Records from a data collection:
● ● ● ● ● ● ●
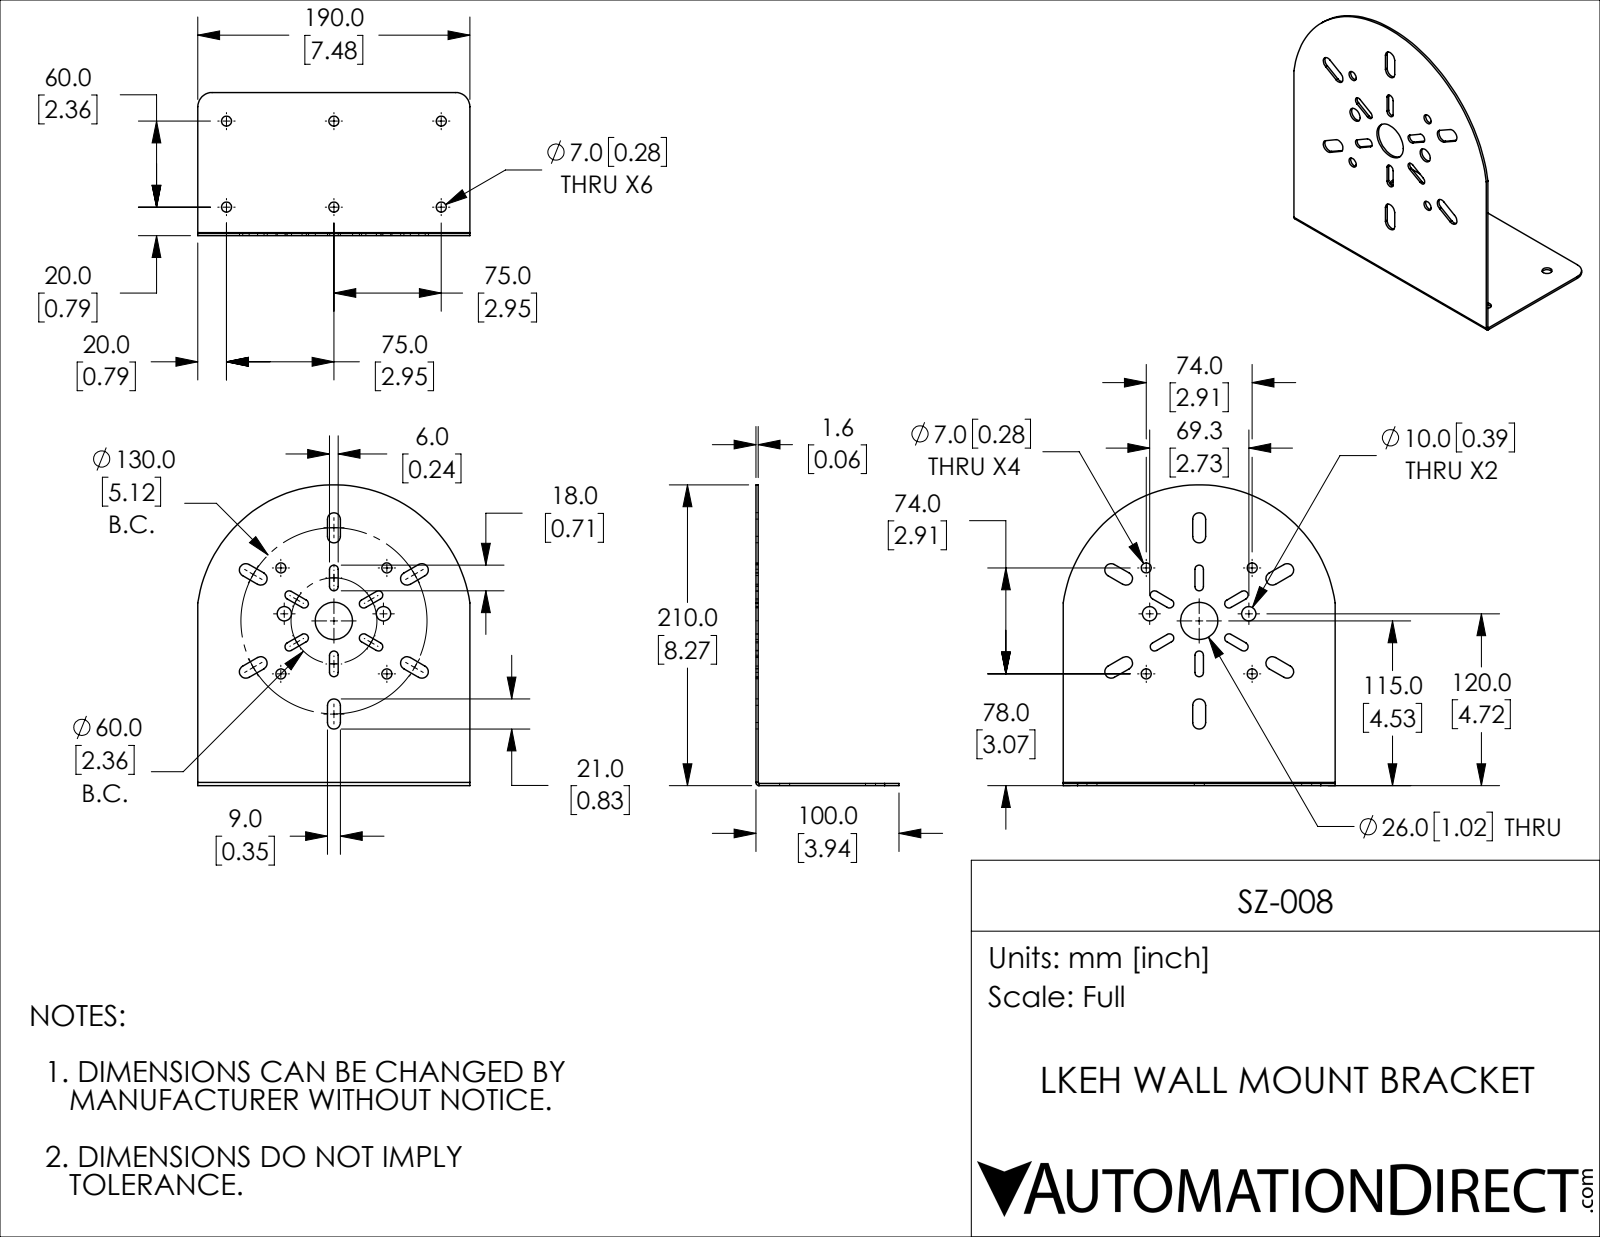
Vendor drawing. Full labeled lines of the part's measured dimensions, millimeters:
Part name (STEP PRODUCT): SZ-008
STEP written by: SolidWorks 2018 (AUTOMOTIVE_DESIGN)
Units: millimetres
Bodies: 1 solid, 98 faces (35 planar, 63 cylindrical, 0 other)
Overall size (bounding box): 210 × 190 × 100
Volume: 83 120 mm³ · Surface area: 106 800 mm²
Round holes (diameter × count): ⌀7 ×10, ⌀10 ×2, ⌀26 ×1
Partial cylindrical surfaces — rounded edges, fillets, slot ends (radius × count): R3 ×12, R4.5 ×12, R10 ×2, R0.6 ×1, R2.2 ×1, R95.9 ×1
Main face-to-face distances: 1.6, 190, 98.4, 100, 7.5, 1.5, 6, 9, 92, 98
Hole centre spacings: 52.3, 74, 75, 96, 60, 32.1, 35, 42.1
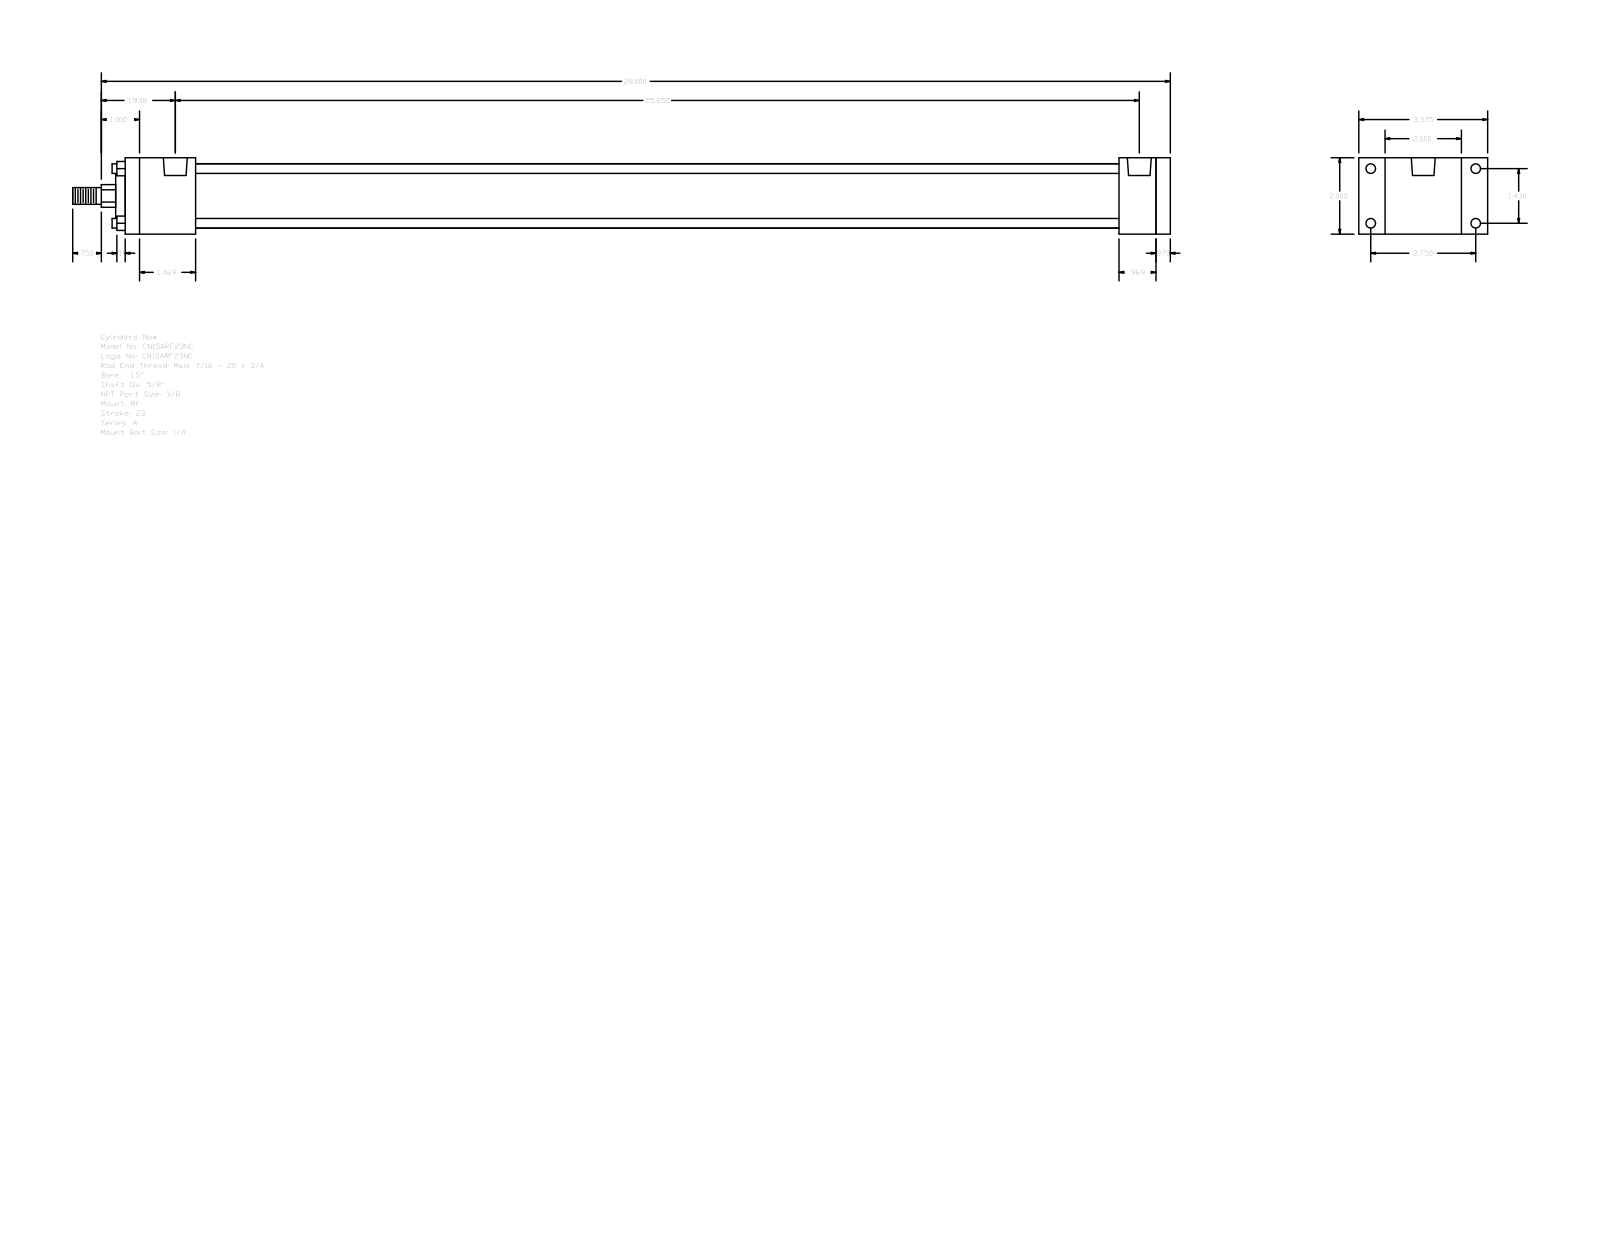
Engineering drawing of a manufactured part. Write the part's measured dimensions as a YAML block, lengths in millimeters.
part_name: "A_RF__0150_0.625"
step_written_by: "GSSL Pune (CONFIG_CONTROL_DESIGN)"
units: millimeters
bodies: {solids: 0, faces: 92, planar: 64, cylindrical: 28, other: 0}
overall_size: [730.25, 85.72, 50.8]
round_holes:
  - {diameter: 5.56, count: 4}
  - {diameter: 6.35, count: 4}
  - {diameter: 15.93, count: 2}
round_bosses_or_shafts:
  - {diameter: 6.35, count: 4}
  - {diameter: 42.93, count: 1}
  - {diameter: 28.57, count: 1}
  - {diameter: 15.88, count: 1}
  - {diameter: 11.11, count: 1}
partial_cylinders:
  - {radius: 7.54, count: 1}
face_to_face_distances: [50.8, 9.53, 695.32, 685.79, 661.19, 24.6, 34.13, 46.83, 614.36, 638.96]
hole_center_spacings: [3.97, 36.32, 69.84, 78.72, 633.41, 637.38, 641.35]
● ● ● ● ● ● ●
▶ **WORK REQUIRED**
Write out the records above once more, word for word, with no pictures.

▶ **SOLVED PROBLEM**
Vendor drawing. Full labeled lines of the part's measured dimensions, millimeters:
Part name (STEP PRODUCT): SZ-008
STEP written by: SolidWorks 2018 (AUTOMOTIVE_DESIGN)
Units: millimetres
Bodies: 1 solid, 98 faces (35 planar, 63 cylindrical, 0 other)
Overall size (bounding box): 210 × 190 × 100
Volume: 83 120 mm³ · Surface area: 106 800 mm²
Round holes (diameter × count): ⌀7 ×10, ⌀10 ×2, ⌀26 ×1
Partial cylindrical surfaces — rounded edges, fillets, slot ends (radius × count): R3 ×12, R4.5 ×12, R10 ×2, R0.6 ×1, R2.2 ×1, R95.9 ×1
Main face-to-face distances: 1.6, 190, 98.4, 100, 7.5, 1.5, 6, 9, 92, 98
Hole centre spacings: 52.3, 74, 75, 96, 60, 32.1, 35, 42.1
Engineering drawing of a manufactured part. Write the part's measured dimensions as a YAML block, lengths in millimeters.
part_name: "A_RF__0150_0.625"
step_written_by: "GSSL Pune (CONFIG_CONTROL_DESIGN)"
units: millimeters
bodies: {solids: 0, faces: 92, planar: 64, cylindrical: 28, other: 0}
overall_size: [730.25, 85.72, 50.8]
round_holes:
  - {diameter: 5.56, count: 4}
  - {diameter: 6.35, count: 4}
  - {diameter: 15.93, count: 2}
round_bosses_or_shafts:
  - {diameter: 6.35, count: 4}
  - {diameter: 42.93, count: 1}
  - {diameter: 28.57, count: 1}
  - {diameter: 15.88, count: 1}
  - {diameter: 11.11, count: 1}
partial_cylinders:
  - {radius: 7.54, count: 1}
face_to_face_distances: [50.8, 9.53, 695.32, 685.79, 661.19, 24.6, 34.13, 46.83, 614.36, 638.96]
hole_center_spacings: [3.97, 36.32, 69.84, 78.72, 633.41, 637.38, 641.35]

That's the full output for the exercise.